I am reading S. K. Donsaldson's paper A new proof of a theorem of Narasimhan and Seshadri. Now $M$ is a compact Riemann surface and $E$ is a holomorphic bundle over $M$ with a Hermitian metric. There is a statement (p.276) : for $g$ a self-adjoint complex gauge transformation $g=g^*$, $A$ a Hermitian metric \begin{equation} F(A)=F(g.A)\implies \partial\bar\partial(g^2)=-\{(\bar\partial g^2)g^{-1}\}\{(\bar\partial g^2)g^{-1}\}^* \end{equation} where $F$ is the curvature form.
I try to prove this.
Here I think a problem happens.
We have \begin{equation} g.A=A-(\bar\partial g)g^{-1}+((\bar\partial g)g^{-1})^*=A-\bar\partial gg^{-1}+g^{-1}\partial g \end{equation} and for a section $\sigma$ \begin{equation} \begin{split} F(g.A)\sigma=&(d_{g.A})(d_{g.A})\sigma\\ =&(d_A-\bar\partial gg^{-1}+g^{-1}\partial g)(d_A-\bar\partial gg^{-1}+g^{-1}\partial g)\sigma \end{split} \end{equation} and just consider the second order derivative of $g$ \begin{equation} \begin{split} F(g.A)\sigma=&F(A)\sigma+d_A(-\bar\partial g g^{-1}\sigma)+d_A(g^{-1}\partial g\sigma)+\cdots\\ =&F(A)\sigma-\partial\bar\partial gg^{-1}\sigma-g^{-1}\bar\partial\partial g\sigma+\cdots \end{split} \end{equation} so from $F(A)=F(g.A)$ we will get something like \begin{equation} \partial\bar\partial gg^{-1}-g^{-1}\bar\partial\partial g+\cdots=0 \end{equation} but I think this is different from $\partial\bar\partial(g^2)=\cdots$, since in which the second derivatives are \begin{equation} \partial\bar\partial g g+g\partial\bar\partial g \end{equation} and the $\partial$ operator is always ahead of $\bar\partial$ operator. If $\partial\bar\partial g+\bar\partial\partial g=0$, then the problem is solved but I do not think this is naturally true.

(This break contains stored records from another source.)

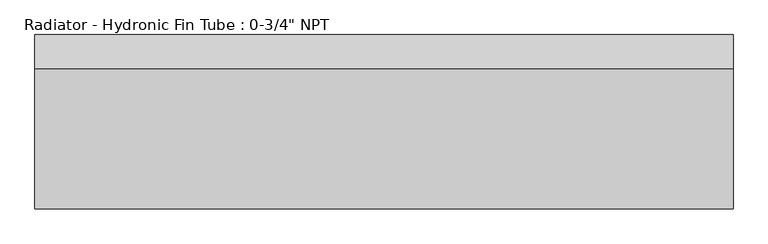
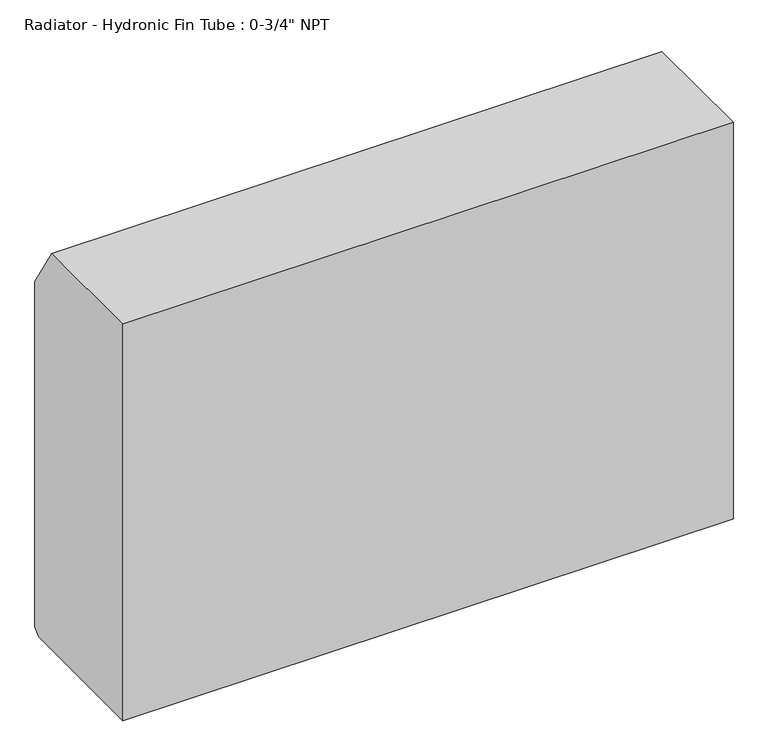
"""IFC4 building model written with IfcOpenShell, lengths in millimetres: proxy geometry."""

import ifcopenshell
import ifcopenshell.guid

model = None  # the IFC model being written
_history = None  # IfcOwnerHistory: only IFC2X3 demands one
_inside = {}  # id of a spatial element -> (the spatial element, [elements in it])
_under = {}  # id of a project, library or spatial element -> (it, [spatial elements below it])
_declared = {}  # id of a project -> (the project, [libraries it declares])
_typed = {}  # id of a type object -> (the type object, [elements of that type])
_made_of = {}  # id of a material, layer set ... -> (it, [elements and type objects made of it])


def new_model(schema):
    """Start an empty IFC model of exactly this schema.

    Asked for "IFC4X3", IfcOpenShell would pick the latest addendum, in which some entities
    have other attributes; the version numbers below select the first issue.
    IFC2X3 requires an IfcOwnerHistory on every rooted entity: one is made here for all.
    """
    global model, _history
    if schema == "IFC4X3":
        model = ifcopenshell.file(schema_version=(4, 3, 0, 0))
    else:
        model = ifcopenshell.file(schema=schema)
    _inside.clear()
    _under.clear()
    _declared.clear()
    _typed.clear()
    _made_of.clear()
    _history = None
    if model.schema == "IFC2X3":
        org = make("IfcOrganization", Name="unknown")
        user = make(
            "IfcPersonAndOrganization",
            ThePerson=make("IfcPerson", FamilyName="unknown"),
            TheOrganization=org,
        )
        app = make(
            "IfcApplication",
            ApplicationDeveloper=org,
            Version="unknown",
            ApplicationFullName="unknown",
            ApplicationIdentifier="unknown",
        )
        _history = make(
            "IfcOwnerHistory",
            OwningUser=user,
            OwningApplication=app,
            ChangeAction="ADDED",
            CreationDate=0,
        )
    return model


def make(cls, **values):
    """One entity of the class cls with the attributes given. An attribute that is None is left unset."""
    return model.create_entity(
        cls, **{name: value for name, value in values.items() if value is not None}
    )


def rooted(cls, **values):
    """An entity with a GlobalId (a new one), such as an element, a storey or a relation."""
    return make(cls, GlobalId=ifcopenshell.guid.new(), OwnerHistory=_history, **values)


def si_unit(unit_type, name, prefix=None):
    """IfcSIUnit, for example si_unit("LENGTHUNIT", "METRE", prefix="MILLI")."""
    return make("IfcSIUnit", UnitType=unit_type, Prefix=prefix, Name=name)


def assignment(units):
    """IfcUnitAssignment: the units of a project."""
    return None if units is None else make("IfcUnitAssignment", Units=units)


def point(xyz):
    """IfcCartesianPoint."""
    return None if xyz is None else make("IfcCartesianPoint", Coordinates=xyz)


def direction(xyz):
    """IfcDirection."""
    return None if xyz is None else make("IfcDirection", DirectionRatios=xyz)


def frame(location, z_axis=None, x_axis=None):
    """IfcAxis2Placement3D, a coordinate frame: its origin and axes. An axis left out is left unset."""
    return make(
        "IfcAxis2Placement3D",
        Location=point(location),
        Axis=direction(z_axis),
        RefDirection=direction(x_axis),
    )


def origin():
    """The frame at (0, 0, 0) with its axes left unset."""
    return frame((0.0, 0.0, 0.0))


def place(relative_to, where):
    """IfcLocalPlacement: puts the frame where relative to a parent placement (None: the world)."""
    return make(
        "IfcLocalPlacement", PlacementRelTo=relative_to, RelativePlacement=where
    )


def context(
    kind, dimensions, precision=None, world=None, true_north=None, identifier=None
):
    """IfcGeometricRepresentationContext, for example the 3D "Model" context."""
    return make(
        "IfcGeometricRepresentationContext",
        ContextIdentifier=identifier,
        ContextType=kind,
        CoordinateSpaceDimension=dimensions,
        Precision=precision,
        WorldCoordinateSystem=world,
        TrueNorth=true_north,
    )


def project(units=None, contexts=None):
    """IfcProject with its units and contexts."""
    return rooted(
        "IfcProject",
        Name="project",
        RepresentationContexts=contexts,
        UnitsInContext=assignment(units),
    )


def spatial(cls, under=None, at=None, **own):
    """A site, building, storey or space (cls), placed at a placement, below another one or the project."""
    s = rooted(cls, ObjectPlacement=at, **own)
    if under is not None:
        _under.setdefault(under.id(), (under, []))[1].append(s)
    return s


def polyline(points):
    """IfcPolyline through the points."""
    return make("IfcPolyline", Points=[point(p) for p in points])


def outline(outer, holes=None, kind="AREA"):
    """IfcArbitraryClosedProfileDef: a profile drawn as a closed curve; with holes, ...WithVoids."""
    if holes is None:
        return make("IfcArbitraryClosedProfileDef", ProfileType=kind, OuterCurve=outer)
    return make(
        "IfcArbitraryProfileDefWithVoids",
        ProfileType=kind,
        OuterCurve=outer,
        InnerCurves=holes,
    )


def extrude(swept, where, along, depth):
    """IfcExtrudedAreaSolid: the profile swept, set in the frame where, extruded along a direction by depth."""
    return make(
        "IfcExtrudedAreaSolid",
        SweptArea=swept,
        Position=where,
        ExtrudedDirection=direction(along),
        Depth=depth,
    )


def shape(context_of_items, identifier, shape_type, items):
    """IfcShapeRepresentation: the items that make up one representation, for example the "Body"."""
    return make(
        "IfcShapeRepresentation",
        ContextOfItems=context_of_items,
        RepresentationIdentifier=identifier,
        RepresentationType=shape_type,
        Items=items,
    )


def source(mapping_origin, context_of_items, identifier, shape_type, items):
    """IfcRepresentationMap: a shape defined once, which mapped items show again and again."""
    return make(
        "IfcRepresentationMap",
        MappingOrigin=mapping_origin,
        MappedRepresentation=shape(context_of_items, identifier, shape_type, items),
    )


def transform(
    local_origin,
    x_axis=None,
    y_axis=None,
    z_axis=None,
    scale=None,
    scale2=None,
    scale3=None,
    uniform=True,
):
    """IfcCartesianTransformationOperator3D, or its non-uniform kind. x_axis, y_axis, z_axis: its Axis1, 2, 3."""
    if uniform:
        return make(
            "IfcCartesianTransformationOperator3D",
            Axis1=direction(x_axis),
            Axis2=direction(y_axis),
            LocalOrigin=point(local_origin),
            Scale=scale,
            Axis3=direction(z_axis),
        )
    return make(
        "IfcCartesianTransformationOperator3DnonUniform",
        Axis1=direction(x_axis),
        Axis2=direction(y_axis),
        LocalOrigin=point(local_origin),
        Scale=scale,
        Axis3=direction(z_axis),
        Scale2=scale2,
        Scale3=scale3,
    )


def mapped(mapping_source, mapping_target):
    """IfcMappedItem: shows the shape of a source again, moved by a transform."""
    return make(
        "IfcMappedItem", MappingSource=mapping_source, MappingTarget=mapping_target
    )


def made_of(thing, what):
    """Note that an element or type object is made of a material, layer set ...; save() writes the relation."""
    if what is not None:
        _made_of.setdefault(what.id(), (what, []))[1].append(thing)
    return thing


def element(
    cls,
    number,
    at=None,
    inside=None,
    cuts=None,
    type_object=None,
    material=None,
    context=None,
    identifier="Body",
    shape_type=None,
    held_by="IfcProductDefinitionShape",
    body=None,
    shapes=None,
    **own,
):
    """One element of the class cls, such as IfcWall. Its Tag is "e" and its number.

    at: its placement. inside: the storey or other place that contains it. cuts: it is an
    opening in that element (IfcRelVoidsElement). A single representation is given by context,
    identifier, shape_type and body (its items); several are given by shapes. held_by: the class
    of the entity that holds the representations. save() writes the other relations.
    """
    e = rooted(cls, Tag="e%d" % number, ObjectPlacement=at, **own)
    if body is not None:
        shapes = [shape(context, identifier, shape_type, body)]
    if shapes is not None:
        e.Representation = make(held_by, Representations=shapes)
    if inside is not None:
        _inside.setdefault(inside.id(), (inside, []))[1].append(e)
    if cuts is not None:
        rooted(
            "IfcRelVoidsElement", RelatingBuildingElement=cuts, RelatedOpeningElement=e
        )
    if type_object is not None:
        _typed.setdefault(type_object.id(), (type_object, []))[1].append(e)
    return made_of(e, material)


def aggregate(whole, parts):
    """IfcRelAggregates: a whole, such as a stair, and the parts it consists of."""
    return rooted("IfcRelAggregates", RelatingObject=whole, RelatedObjects=parts)


def save(model, path):
    """Write the relations noted so far, then the file.

    IfcRelAggregates (storeys below a building ...), IfcRelContainedInSpatialStructure (elements
    in a storey), IfcRelDefinesByType, IfcRelAssociatesMaterial and IfcRelDeclares: one each for
    every whole, place, type object, material and project.
    """
    for whole, parts in _under.values():
        aggregate(whole, parts)
    for where, things in _inside.values():
        rooted(
            "IfcRelContainedInSpatialStructure",
            RelatedElements=things,
            RelatingStructure=where,
        )
    for kind, things in _typed.values():
        rooted("IfcRelDefinesByType", RelatedObjects=things, RelatingType=kind)
    for what, things in _made_of.values():
        rooted("IfcRelAssociatesMaterial", RelatedObjects=things, RelatingMaterial=what)
    for by, libraries in _declared.values():
        rooted("IfcRelDeclares", RelatingContext=by, RelatedDefinitions=libraries)
    model.write(path)


def proxy_1b8ec6d5(model_context):
    return source(origin(), model_context, "Body", "SweptSolid", [
        extrude(outline(polyline([(469.9, 304.8), (177.8, 304.8), (177.8, 1143.0), (423.8625, 1143.0), (482.6, 1048.6279261), (482.6, 318.3779261), (469.9, 304.8)])), frame((-914.4, 0.0, 0.0), z_axis=(1.0, 0.0, 0.0), x_axis=(0.0, 1.0, 0.0)), (0.0, 0.0, 1.0), 1219.2),
    ])


if __name__ == "__main__":
    model = new_model("IFC4")
    model_context = context("Model", 3, world=origin())
    ifc_project = project(units=[si_unit("LENGTHUNIT", "METRE", prefix="MILLI")], contexts=[model_context])
    site = spatial("IfcSite", under=ifc_project)
    building = spatial("IfcBuilding", under=site)
    placement = place(None, origin())
    proxy_shape = proxy_1b8ec6d5(model_context)
    element("IfcBuildingElementProxy", 1, Name="Radiator - Hydronic Fin Tube : 0-3/4\" NPT", ObjectType="Radiator - Hydronic Fin Tube : 0-3/4\" NPT", at=placement, inside=building, context=model_context, shape_type="MappedRepresentation", body=[
        mapped(proxy_shape, transform((0.0, 0.0, 0.0), x_axis=(1.0, 0.0, 0.0), y_axis=(0.0, 1.0, 0.0), z_axis=(0.0, 0.0, 1.0))),
    ])
    save(model, "model.ifc")

Indeed $\partial \bar\partial g + \bar\partial\partial g=0$. In fact $\partial \bar\partial + \bar\partial\partial$ is the zero operator. We have that $d= \partial + \bar\partial$ is the induced connection on $End(E)$. Then $$ d^2 = \partial^2 + \partial \bar\partial + \bar\partial\partial + \bar\partial^2 = \partial \bar\partial + \bar\partial\partial $$ is the curvature of the induced connection on $End(E)$, since $\partial^2 = \bar\partial^2 =0$ (by dimension). Then the result follows once we have $End(E)$ flat.
We have that the curvature of $E$ is a multiple of the identity automorphism by hypothesis, $F(A) = \mu 1$ in page 276. Computing the curvature of the induced connection on $E\otimes E^\ast \simeq End(E)$ we see that it vanishes.